> Task: Return only the line containing "placement = place(None, origin())" and each line after it, exactly as written, through the end of the records.

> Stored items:
○ ○ ○ ○
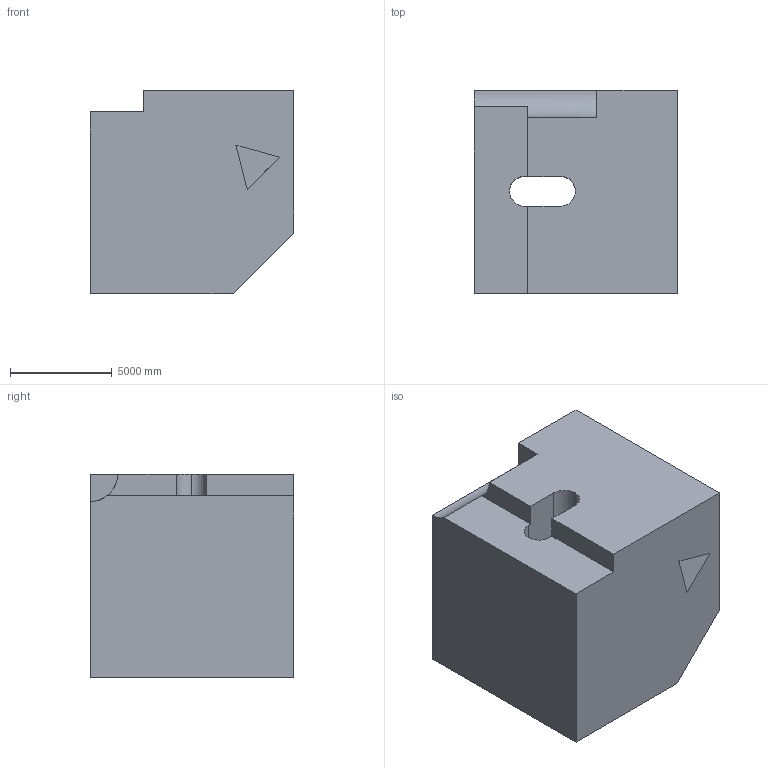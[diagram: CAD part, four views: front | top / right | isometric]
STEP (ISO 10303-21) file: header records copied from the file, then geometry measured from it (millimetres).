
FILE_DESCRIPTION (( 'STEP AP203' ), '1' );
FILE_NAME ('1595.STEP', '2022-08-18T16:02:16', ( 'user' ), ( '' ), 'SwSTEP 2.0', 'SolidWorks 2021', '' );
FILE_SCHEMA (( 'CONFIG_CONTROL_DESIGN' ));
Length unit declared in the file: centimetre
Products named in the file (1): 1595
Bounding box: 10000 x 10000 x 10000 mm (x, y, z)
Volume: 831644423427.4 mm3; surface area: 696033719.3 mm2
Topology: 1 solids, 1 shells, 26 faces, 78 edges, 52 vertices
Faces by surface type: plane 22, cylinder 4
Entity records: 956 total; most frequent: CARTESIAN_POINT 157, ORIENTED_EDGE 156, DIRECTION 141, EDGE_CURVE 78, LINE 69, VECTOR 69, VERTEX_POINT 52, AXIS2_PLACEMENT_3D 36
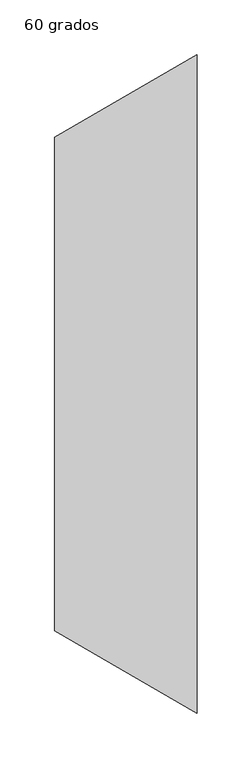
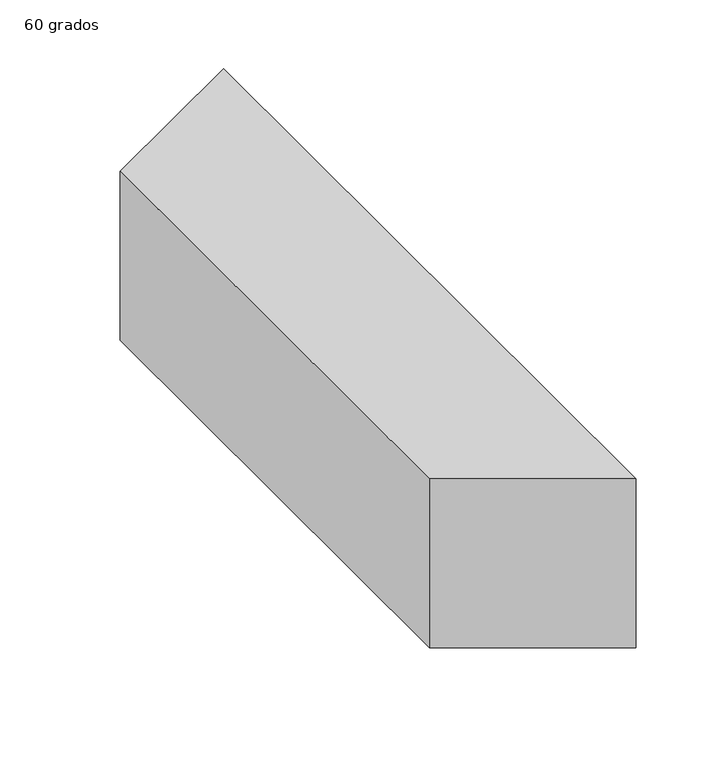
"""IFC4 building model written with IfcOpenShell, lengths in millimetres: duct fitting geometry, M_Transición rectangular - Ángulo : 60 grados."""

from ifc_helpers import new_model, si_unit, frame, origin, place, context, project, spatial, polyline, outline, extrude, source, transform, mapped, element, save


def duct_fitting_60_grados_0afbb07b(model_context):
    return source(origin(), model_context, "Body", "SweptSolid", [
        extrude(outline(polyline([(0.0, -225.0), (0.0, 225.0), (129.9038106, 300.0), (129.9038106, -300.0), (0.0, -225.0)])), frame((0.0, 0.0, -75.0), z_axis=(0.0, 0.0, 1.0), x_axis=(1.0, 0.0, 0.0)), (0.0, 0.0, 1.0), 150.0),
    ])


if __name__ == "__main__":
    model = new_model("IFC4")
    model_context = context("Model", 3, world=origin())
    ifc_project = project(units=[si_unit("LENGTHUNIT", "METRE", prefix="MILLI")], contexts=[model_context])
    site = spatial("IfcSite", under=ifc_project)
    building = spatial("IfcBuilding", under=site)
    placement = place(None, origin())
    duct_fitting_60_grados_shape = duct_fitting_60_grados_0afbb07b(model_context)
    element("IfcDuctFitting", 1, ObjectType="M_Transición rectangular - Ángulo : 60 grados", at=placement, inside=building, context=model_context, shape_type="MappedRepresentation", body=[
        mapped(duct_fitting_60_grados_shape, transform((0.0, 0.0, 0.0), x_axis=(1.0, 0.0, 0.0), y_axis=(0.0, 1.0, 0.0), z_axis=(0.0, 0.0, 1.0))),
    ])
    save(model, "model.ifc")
○ ○ ○ ○
> Solution to this task:
    placement = place(None, origin())
    duct_fitting_60_grados_shape = duct_fitting_60_grados_0afbb07b(model_context)
    element("IfcDuctFitting", 1, ObjectType="M_Transición rectangular - Ángulo : 60 grados", at=placement, inside=building, context=model_context, shape_type="MappedRepresentation", body=[
        mapped(duct_fitting_60_grados_shape, transform((0.0, 0.0, 0.0), x_axis=(1.0, 0.0, 0.0), y_axis=(0.0, 1.0, 0.0), z_axis=(0.0, 0.0, 1.0))),
    ])
    save(model, "model.ifc")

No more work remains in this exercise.